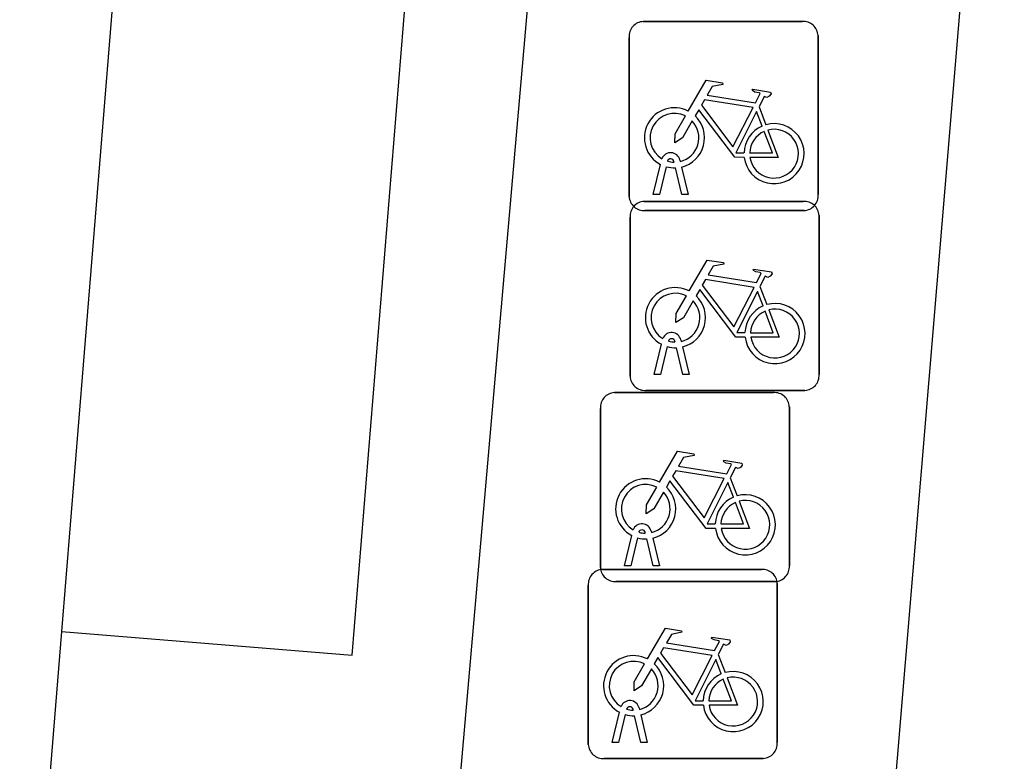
# Model space of a CAD drawing. Extents: x 159961 to 160856, y 382704 to 383353.
# Drawn here: x 160581.64 to 160586.78, y 383273.83 to 383277.75 of the extents above; entities that cross this region are included whole.
import ezdxf

# ---------------------------------------------------------------- set-up
doc = ezdxf.new("R2010")
doc.units = 0
for name, color, linetype in [('IMGEO_Fietsenrek', 7, 'Continuous'), ('IMGEO_Pand', 7, 'Continuous'), ('IMGEO_Pand_overbouw', 7, 'Continuous'), ('IMGEO_Voetpad_open', 7, 'Continuous')]:
    doc.layers.add(name, color=color, linetype=linetype)

msp = doc.modelspace()

# ---------------------------------------------------------------- linework, layer by layer
at = {"layer": 'IMGEO_Fietsenrek'}
for p, q in [((160584.9369, 383277.7425), (160585.7778, 383277.7425)), ((160585.7778, 383277.7425), (160584.9369, 383277.7425)), ((160584.8625, 383276.8179), (160584.8625, 383277.6588)), ((160584.8625, 383277.6588), (160584.8625, 383276.8179)), ((160585.8615, 383277.6681), (160585.8615, 383276.8272)), ((160585.8615, 383276.8272), (160585.8615, 383277.6681)), ((160585.5492, 383277.2922), (160585.5855, 383277.197)), ((160584.9895, 383276.8273), (160585.0278, 383276.9873)), ((160585.0582, 383276.9751), (160585.0229, 383276.8273)), ((160585.0999, 383276.9989), (160585.0989, 383277.0032)), ((160585.1306, 383277.0104), (160585.1324, 383277.0025)), ((160585.141, 383276.8273), (160585.1071, 383276.969)), ((160585.1394, 383276.9733), (160585.1744, 383276.8273)), ((160585.0229, 383276.8273), (160584.9895, 383276.8273)), ((160585.1744, 383276.8273), (160585.141, 383276.8273)), ((160584.9419, 383276.7915), (160585.7828, 383276.7915)), ((160585.7828, 383276.7915), (160584.9419, 383276.7915)), ((160585.7871, 383276.7435), (160584.9462, 383276.7435)), ((160584.9462, 383276.7435), (160585.7871, 383276.7435)), ((160584.8675, 383275.8669), (160584.8675, 383276.7078)), ((160584.8675, 383276.7078), (160584.8675, 383275.8669)), ((160585.8665, 383276.7171), (160585.8665, 383275.8762)), ((160585.8665, 383275.8762), (160585.8665, 383276.7171)), ((160585.5542, 383276.3412), (160585.5905, 383276.246)), ((160585.1049, 383276.0479), (160585.1039, 383276.0522)), ((160585.1356, 383276.0594), (160585.1374, 383276.0515)), ((160584.9945, 383275.8763), (160585.0328, 383276.0363)), ((160585.0632, 383276.0241), (160585.0279, 383275.8763)), ((160585.146, 383275.8763), (160585.1121, 383276.018)), ((160585.1444, 383276.0223), (160585.1794, 383275.8763)), ((160585.0279, 383275.8763), (160584.9945, 383275.8763)), ((160585.1794, 383275.8763), (160585.146, 383275.8763)), ((160585.7921, 383275.7925), (160584.9512, 383275.7925)), ((160584.9512, 383275.7925), (160585.7921, 383275.7925)), ((160584.7849, 383275.7805), (160585.6258, 383275.7805)), ((160585.6258, 383275.7805), (160584.7849, 383275.7805)), ((160584.7105, 383274.8559), (160584.7105, 383275.6968)), ((160584.7105, 383275.6968), (160584.7105, 383274.8559)), ((160585.7095, 383275.7061), (160585.7095, 383274.8652)), ((160585.7095, 383274.8652), (160585.7095, 383275.7061)), ((160585.3972, 383275.3302), (160585.4335, 383275.235)), ((160584.8375, 383274.8653), (160584.8758, 383275.0253)), ((160584.9479, 383275.0369), (160584.9469, 383275.0412)), ((160584.9786, 383275.0484), (160584.9804, 383275.0405)), ((160584.9062, 383275.0131), (160584.8709, 383274.8653)), ((160584.989, 383274.8653), (160584.9551, 383275.007)), ((160584.9874, 383275.0113), (160585.0224, 383274.8653)), ((160584.8709, 383274.8653), (160584.8375, 383274.8653)), ((160585.0224, 383274.8653), (160584.989, 383274.8653)), ((160584.7209, 383274.8455), (160585.5618, 383274.8455)), ((160585.5618, 383274.8455), (160584.7209, 383274.8455)), ((160585.6351, 383274.7815), (160584.7942, 383274.7815)), ((160584.7942, 383274.7815), (160585.6351, 383274.7815)), ((160585.6455, 383274.7711), (160585.6455, 383273.9302)), ((160585.6455, 383273.9302), (160585.6455, 383274.7711)), ((160584.6465, 383273.9209), (160584.6465, 383274.7618)), ((160584.6465, 383274.7618), (160584.6465, 383273.9209)), ((160585.3332, 383274.3952), (160585.3695, 383274.3)), ((160584.8839, 383274.1019), (160584.8829, 383274.1062)), ((160584.9146, 383274.1134), (160584.9164, 383274.1055)), ((160584.7735, 383273.9303), (160584.8118, 383274.0903)), ((160584.8422, 383274.0781), (160584.8069, 383273.9303)), ((160584.925, 383273.9303), (160584.8911, 383274.072)), ((160584.9234, 383274.0763), (160584.9584, 383273.9303)), ((160584.8069, 383273.9303), (160584.7735, 383273.9303)), ((160584.9584, 383273.9303), (160584.925, 383273.9303)), ((160585.5711, 383273.8465), (160584.7302, 383273.8465)), ((160584.7302, 383273.8465), (160585.5711, 383273.8465))]:
    msp.add_line(p, q, dxfattribs=at)
for points in [[(160585.1751, 383277.2692), (160585.2698, 383277.4327), (160585.356, 383277.4189), (160585.3577, 383277.4102), (160585.3016, 383277.3993), (160585.2754, 383277.354), (160585.5306, 383277.3132)], [(160585.5306, 383277.3132), (160585.5556, 383277.362), (160585.5505, 383277.366), (160585.5273, 383277.3697), (160585.5146, 383277.3772), (160585.5136, 383277.3803), (160585.5158, 383277.3849), (160585.6106, 383277.3698), (160585.6129, 383277.3595), (160585.6035, 383277.3471), (160585.5911, 383277.3407), (160585.5766, 383277.3469), (160585.5492, 383277.2922)], [(160585.5177, 383277.288), (160585.2609, 383277.329), (160585.2442, 383277.3002), (160585.4112, 383277.0799), (160585.5177, 383277.288)], [(160585.1958, 383277.2167), (160585.1442, 383277.1275), (160585.1043, 383277.1015), (160585.1055, 383277.149), (160585.16, 383277.2432)], [(160585.4708, 383277.0245), (160585.4211, 383277.0246), (160585.2304, 383277.2763), (160585.2114, 383277.2435)], [(160585.5657, 383277.19), (160585.5364, 383277.2668), (160585.427, 383277.0487), (160585.4697, 383277.0486)], [(160585.4997, 383277.0485), (160585.6196, 383277.0483), (160585.5764, 383277.1619)], [(160585.5962, 383277.1688), (160585.6512, 383277.0242), (160585.5011, 383277.0245)], [(160585.1801, 383276.3182), (160585.2748, 383276.4817), (160585.361, 383276.4679), (160585.3627, 383276.4592), (160585.3066, 383276.4483), (160585.2804, 383276.403), (160585.5356, 383276.3622)], [(160585.5356, 383276.3622), (160585.5606, 383276.411), (160585.5555, 383276.415), (160585.5323, 383276.4187), (160585.5196, 383276.4262), (160585.5186, 383276.4293), (160585.5208, 383276.4339), (160585.6156, 383276.4188), (160585.6179, 383276.4085), (160585.6085, 383276.3961), (160585.5961, 383276.3897), (160585.5816, 383276.3959), (160585.5542, 383276.3412)], [(160585.5227, 383276.337), (160585.2659, 383276.378), (160585.2492, 383276.3492), (160585.4162, 383276.1289), (160585.5227, 383276.337)], [(160585.4758, 383276.0735), (160585.4261, 383276.0736), (160585.2354, 383276.3253), (160585.2164, 383276.2925)], [(160585.5707, 383276.239), (160585.5414, 383276.3158), (160585.432, 383276.0977), (160585.4747, 383276.0976)], [(160585.2008, 383276.2657), (160585.1492, 383276.1765), (160585.1093, 383276.1505), (160585.1105, 383276.198), (160585.165, 383276.2922)], [(160585.5047, 383276.0975), (160585.6246, 383276.0973), (160585.5814, 383276.2109)], [(160585.6012, 383276.2178), (160585.6562, 383276.0732), (160585.5061, 383276.0735)], [(160585.0231, 383275.3072), (160585.1178, 383275.4707), (160585.204, 383275.4569), (160585.2057, 383275.4482), (160585.1496, 383275.4373), (160585.1234, 383275.392), (160585.3786, 383275.3512)], [(160585.3786, 383275.3512), (160585.4036, 383275.4), (160585.3985, 383275.404), (160585.3753, 383275.4077), (160585.3626, 383275.4152), (160585.3616, 383275.4183), (160585.3638, 383275.4229), (160585.4586, 383275.4078), (160585.4609, 383275.3975), (160585.4515, 383275.3851), (160585.4391, 383275.3787), (160585.4246, 383275.3849), (160585.3972, 383275.3302)], [(160585.3657, 383275.326), (160585.1089, 383275.367), (160585.0922, 383275.3382), (160585.2592, 383275.1179), (160585.3657, 383275.326)], [(160585.0438, 383275.2547), (160584.9922, 383275.1655), (160584.9523, 383275.1395), (160584.9535, 383275.187), (160585.008, 383275.2812)], [(160585.3188, 383275.0625), (160585.2691, 383275.0626), (160585.0784, 383275.3143), (160585.0594, 383275.2815)], [(160585.4137, 383275.228), (160585.3844, 383275.3048), (160585.275, 383275.0867), (160585.3177, 383275.0866)], [(160585.3477, 383275.0865), (160585.4676, 383275.0863), (160585.4244, 383275.1999)], [(160585.4442, 383275.2068), (160585.4992, 383275.0622), (160585.3491, 383275.0625)], [(160584.9591, 383274.3722), (160585.0538, 383274.5357), (160585.14, 383274.5219), (160585.1417, 383274.5132), (160585.0856, 383274.5023), (160585.0594, 383274.457), (160585.3146, 383274.4162)], [(160585.3146, 383274.4162), (160585.3396, 383274.465), (160585.3345, 383274.469), (160585.3113, 383274.4727), (160585.2986, 383274.4802), (160585.2976, 383274.4833), (160585.2998, 383274.4879), (160585.3946, 383274.4728), (160585.3969, 383274.4625), (160585.3875, 383274.4501), (160585.3751, 383274.4437), (160585.3606, 383274.4499), (160585.3332, 383274.3952)], [(160585.3017, 383274.391), (160585.0449, 383274.432), (160585.0282, 383274.4032), (160585.1952, 383274.1829), (160585.3017, 383274.391)], [(160585.2548, 383274.1275), (160585.2051, 383274.1276), (160585.0144, 383274.3793), (160584.9954, 383274.3465)], [(160585.3497, 383274.293), (160585.3204, 383274.3698), (160585.211, 383274.1517), (160585.2537, 383274.1516)], [(160584.9798, 383274.3197), (160584.9282, 383274.2305), (160584.8883, 383274.2045), (160584.8895, 383274.252), (160584.944, 383274.3462)], [(160585.2837, 383274.1515), (160585.4036, 383274.1513), (160585.3604, 383274.2649)], [(160585.3802, 383274.2718), (160585.4352, 383274.1272), (160585.2851, 383274.1275)]]:
    msp.add_lwpolyline(points, dxfattribs=at)
for centre, radius, start, end in [((160584.9402, 383277.6646), 0.0779, 92.4484, 184.2845), ((160584.9402, 383277.6646), 0.0779, 92.4484, 184.2845), ((160585.7836, 383277.6648), 0.0779, 2.4484, 94.2845), ((160585.7836, 383277.6648), 0.0779, 2.4484, 94.2845), ((160585.1021, 383277.1279), 0.159, 62.6766, 242.1369), ((160585.1021, 383277.1279), 0.129, 63.3192, 238.903), ((160585.1021, 383277.1279), 0.159, 283.5766, 46.6042), ((160585.1021, 383277.1279), 0.129, 283.6043, 43.4302), ((160585.6287, 383277.0439), 0.159, 113.3408, 178.3217), ((160585.6287, 383277.0439), 0.159, 187.0065, 105.7708), ((160585.6287, 383277.0439), 0.129, 113.923, 177.9556), ((160585.6287, 383277.0439), 0.129, 188.6715, 104.5883), ((160585.0819, 383276.9993), 0.0499, 12.8025, 158.6934), ((160585.1021, 383277.1279), 0.159, 253.9967, 271.7867), ((160585.0819, 383276.9993), 0.0174, 12.8025, 163.4502), ((160585.1021, 383277.1279), 0.129, 253.415, 269.0204), ((160585.7838, 383276.8214), 0.0779, 272.4484, 4.2845), ((160585.7838, 383276.8214), 0.0779, 272.4484, 4.2845), ((160584.9404, 383276.8212), 0.0779, 182.4484, 274.2845), ((160584.9404, 383276.8212), 0.0779, 182.4484, 274.2845), ((160584.9452, 383276.7136), 0.0779, 92.4484, 184.2845), ((160584.9452, 383276.7136), 0.0779, 92.4484, 184.2845), ((160585.7886, 383276.7138), 0.0779, 2.4484, 94.2845), ((160585.7886, 383276.7138), 0.0779, 2.4484, 94.2845), ((160585.1071, 383276.1769), 0.159, 62.6766, 242.1369), ((160585.1071, 383276.1769), 0.129, 63.3192, 238.903), ((160585.1071, 383276.1769), 0.129, 283.6043, 43.4302), ((160585.1071, 383276.1769), 0.159, 283.5766, 46.6042), ((160585.6337, 383276.0929), 0.159, 113.3408, 178.3217), ((160585.6337, 383276.0929), 0.159, 187.0065, 105.7708), ((160585.6337, 383276.0929), 0.129, 113.923, 177.9556), ((160585.6337, 383276.0929), 0.129, 188.6715, 104.5883), ((160585.0869, 383276.0483), 0.0499, 12.8025, 158.6934), ((160585.0869, 383276.0483), 0.0174, 12.8025, 163.4502), ((160585.1071, 383276.1769), 0.129, 253.415, 269.0204), ((160585.1071, 383276.1769), 0.159, 253.9967, 271.7867), ((160584.9454, 383275.8702), 0.0779, 182.4484, 274.2845), ((160584.9454, 383275.8702), 0.0779, 182.4484, 274.2845), ((160585.7888, 383275.8704), 0.0779, 272.4484, 4.2845), ((160585.7888, 383275.8704), 0.0779, 272.4484, 4.2845), ((160584.7882, 383275.7026), 0.0779, 92.4484, 184.2845), ((160584.7882, 383275.7026), 0.0779, 92.4484, 184.2845), ((160585.6316, 383275.7028), 0.0779, 2.4484, 94.2845), ((160585.6316, 383275.7028), 0.0779, 2.4484, 94.2845), ((160584.9501, 383275.1659), 0.159, 62.6766, 242.1369), ((160584.9501, 383275.1659), 0.129, 63.3192, 238.903), ((160584.9501, 383275.1659), 0.159, 283.5766, 46.6042), ((160584.9501, 383275.1659), 0.129, 283.6043, 43.4302), ((160585.4767, 383275.0819), 0.159, 113.3408, 178.3217), ((160585.4767, 383275.0819), 0.159, 187.0065, 105.7708), ((160585.4767, 383275.0819), 0.129, 113.923, 177.9556), ((160585.4767, 383275.0819), 0.129, 188.6715, 104.5883), ((160584.9299, 383275.0373), 0.0499, 12.8025, 158.6934), ((160584.9299, 383275.0373), 0.0174, 12.8025, 163.4502), ((160584.9501, 383275.1659), 0.129, 253.415, 269.0204), ((160584.9501, 383275.1659), 0.159, 253.9967, 271.7867), ((160584.7242, 383274.7676), 0.0779, 92.4484, 184.2845), ((160584.7242, 383274.7676), 0.0779, 92.4484, 184.2845), ((160584.7884, 383274.8592), 0.0779, 182.4484, 274.2845), ((160584.7884, 383274.8592), 0.0779, 182.4484, 274.2845), ((160585.5676, 383274.7678), 0.0779, 2.4484, 94.2845), ((160585.5676, 383274.7678), 0.0779, 2.4484, 94.2845), ((160585.6318, 383274.8594), 0.0779, 272.4484, 4.2845), ((160585.6318, 383274.8594), 0.0779, 272.4484, 4.2845), ((160584.8861, 383274.2309), 0.159, 62.6766, 242.1369), ((160584.8861, 383274.2309), 0.129, 63.3192, 238.903), ((160584.8861, 383274.2309), 0.129, 283.6043, 43.4302), ((160584.8861, 383274.2309), 0.159, 283.5766, 46.6042), ((160585.4127, 383274.1469), 0.159, 187.0065, 105.7708), ((160585.4127, 383274.1469), 0.159, 113.3408, 178.3217), ((160585.4127, 383274.1469), 0.129, 113.923, 177.9556), ((160585.4127, 383274.1469), 0.129, 188.6715, 104.5883), ((160584.8659, 383274.1023), 0.0499, 12.8025, 158.6934), ((160584.8659, 383274.1023), 0.0174, 12.8025, 163.4502), ((160584.8861, 383274.2309), 0.129, 253.415, 269.0204), ((160584.8861, 383274.2309), 0.159, 253.9967, 271.7867), ((160584.7244, 383273.9242), 0.0779, 182.4484, 274.2845), ((160584.7244, 383273.9242), 0.0779, 182.4484, 274.2845), ((160585.5678, 383273.9244), 0.0779, 272.4484, 4.2845), ((160585.5678, 383273.9244), 0.0779, 272.4484, 4.2845)]:
    msp.add_arc(centre, radius, start, end, dxfattribs=at)
at = {"layer": 'IMGEO_Pand'}
msp.add_lwpolyline([(160574.866, 383293.963), (160583.35, 383292.828), (160582.801, 383286.083), (160581.715, 383286.176), (160581.354, 383281.73), (160582.44, 383281.642), (160582.411, 383281.287), (160581.861, 383274.518), (160581.47, 383269.713), (160581.416, 383269.055)], dxfattribs=at)
at = {"layer": 'IMGEO_Pand_overbouw'}
msp.add_lwpolyline([(160583.977, 383281.517), (160582.44, 383281.642), (160582.411, 383281.287), (160581.861, 383274.518), (160583.398, 383274.393)], close=True, dxfattribs=at)
at = {"layer": 'IMGEO_Voetpad_open'}
for points in [[(160585.452, 383280.608), (160584.572, 383280.652), (160583.599, 383269.519), (160584.569, 383269.446)], [(160585.452, 383280.608), (160585.404, 383279.996), (160586.784, 383279.877), (160585.9, 383269.316), (160584.569, 383269.446)]]:
    msp.add_lwpolyline(points, dxfattribs=at)

doc.saveas('drawing.dxf')

YOUR INSTRUCTIONS
Count every line of the entries that holds the string "color". Please answer with the count alone.

ANSWER SECTION
2